◆ DATA EXTRACTS:
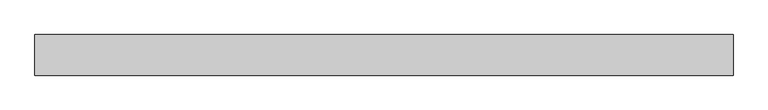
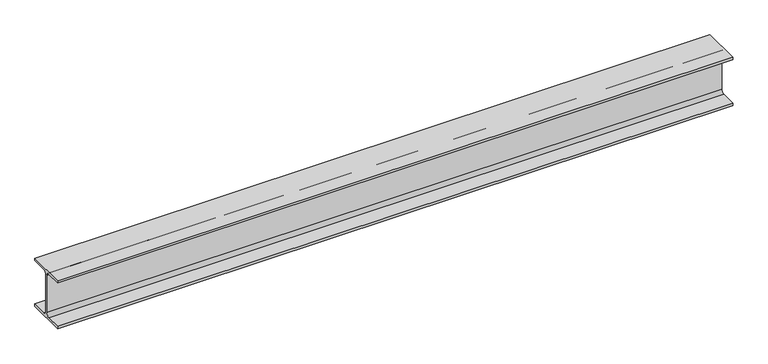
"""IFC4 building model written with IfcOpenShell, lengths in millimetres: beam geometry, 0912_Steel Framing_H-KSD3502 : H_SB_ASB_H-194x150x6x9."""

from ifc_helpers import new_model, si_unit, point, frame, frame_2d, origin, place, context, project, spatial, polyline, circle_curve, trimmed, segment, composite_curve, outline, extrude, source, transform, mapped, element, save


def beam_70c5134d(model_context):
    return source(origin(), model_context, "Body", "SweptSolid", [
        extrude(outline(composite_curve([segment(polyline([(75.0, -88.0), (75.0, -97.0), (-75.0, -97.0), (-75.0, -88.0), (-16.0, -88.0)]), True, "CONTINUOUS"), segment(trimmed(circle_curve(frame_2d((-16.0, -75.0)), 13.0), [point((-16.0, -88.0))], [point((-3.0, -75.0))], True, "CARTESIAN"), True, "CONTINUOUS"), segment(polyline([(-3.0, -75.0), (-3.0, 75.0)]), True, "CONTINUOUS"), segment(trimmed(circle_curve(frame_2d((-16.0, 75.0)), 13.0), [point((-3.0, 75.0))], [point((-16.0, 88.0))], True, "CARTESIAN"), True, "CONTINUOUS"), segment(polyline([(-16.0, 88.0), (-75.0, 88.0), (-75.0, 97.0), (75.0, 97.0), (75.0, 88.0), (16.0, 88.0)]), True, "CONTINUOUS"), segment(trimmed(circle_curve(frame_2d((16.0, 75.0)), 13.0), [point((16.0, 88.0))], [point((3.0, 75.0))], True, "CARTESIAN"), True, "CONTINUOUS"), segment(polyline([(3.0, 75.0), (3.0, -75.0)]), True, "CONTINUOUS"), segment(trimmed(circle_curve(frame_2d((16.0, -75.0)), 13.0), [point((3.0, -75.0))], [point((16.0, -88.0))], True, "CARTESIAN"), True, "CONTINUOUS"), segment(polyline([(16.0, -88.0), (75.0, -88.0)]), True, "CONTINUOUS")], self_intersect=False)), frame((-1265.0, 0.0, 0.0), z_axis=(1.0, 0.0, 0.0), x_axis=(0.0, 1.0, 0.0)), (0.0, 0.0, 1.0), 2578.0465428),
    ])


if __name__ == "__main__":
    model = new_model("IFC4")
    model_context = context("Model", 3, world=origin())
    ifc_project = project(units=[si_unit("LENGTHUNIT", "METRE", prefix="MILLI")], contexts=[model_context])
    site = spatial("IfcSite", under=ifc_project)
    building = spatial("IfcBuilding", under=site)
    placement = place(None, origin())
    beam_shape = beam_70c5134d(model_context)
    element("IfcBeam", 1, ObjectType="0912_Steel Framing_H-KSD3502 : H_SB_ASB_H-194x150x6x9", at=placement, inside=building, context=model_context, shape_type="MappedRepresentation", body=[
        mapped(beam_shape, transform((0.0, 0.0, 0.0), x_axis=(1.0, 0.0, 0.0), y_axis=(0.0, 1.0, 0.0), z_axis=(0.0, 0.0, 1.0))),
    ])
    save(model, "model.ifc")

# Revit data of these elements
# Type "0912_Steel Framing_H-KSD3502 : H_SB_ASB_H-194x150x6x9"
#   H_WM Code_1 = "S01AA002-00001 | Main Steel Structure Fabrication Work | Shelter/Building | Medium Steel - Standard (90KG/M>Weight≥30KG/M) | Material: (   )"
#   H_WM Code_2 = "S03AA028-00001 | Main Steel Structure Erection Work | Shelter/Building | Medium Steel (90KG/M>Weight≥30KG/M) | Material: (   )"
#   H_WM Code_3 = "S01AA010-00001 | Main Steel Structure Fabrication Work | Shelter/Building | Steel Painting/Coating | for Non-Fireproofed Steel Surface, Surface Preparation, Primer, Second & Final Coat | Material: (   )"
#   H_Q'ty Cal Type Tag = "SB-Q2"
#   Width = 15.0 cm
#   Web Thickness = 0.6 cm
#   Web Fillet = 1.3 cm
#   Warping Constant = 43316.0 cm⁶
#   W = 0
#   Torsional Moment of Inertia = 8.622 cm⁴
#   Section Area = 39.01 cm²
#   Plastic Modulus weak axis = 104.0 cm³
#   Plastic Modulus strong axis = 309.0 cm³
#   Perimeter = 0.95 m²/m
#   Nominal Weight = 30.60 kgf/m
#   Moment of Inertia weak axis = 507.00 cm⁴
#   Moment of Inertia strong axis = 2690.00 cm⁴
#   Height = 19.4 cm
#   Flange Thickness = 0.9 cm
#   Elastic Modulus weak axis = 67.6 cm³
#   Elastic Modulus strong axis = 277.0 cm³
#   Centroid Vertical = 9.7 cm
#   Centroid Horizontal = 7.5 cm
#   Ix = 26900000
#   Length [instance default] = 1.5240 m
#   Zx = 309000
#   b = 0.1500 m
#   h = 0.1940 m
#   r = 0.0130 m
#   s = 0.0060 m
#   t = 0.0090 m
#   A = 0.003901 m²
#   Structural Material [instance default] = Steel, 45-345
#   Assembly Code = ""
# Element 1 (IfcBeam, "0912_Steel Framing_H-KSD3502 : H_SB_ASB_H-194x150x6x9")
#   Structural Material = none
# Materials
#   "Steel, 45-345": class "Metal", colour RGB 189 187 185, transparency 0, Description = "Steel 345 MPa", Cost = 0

◆ YOUR INSTRUCTIONS: Every line of the listing that includes the word "Structural" must be copied.

◆ EXERCISE OUTPUT:
#   Structural Material [instance default] = Steel, 45-345
#   Structural Material = none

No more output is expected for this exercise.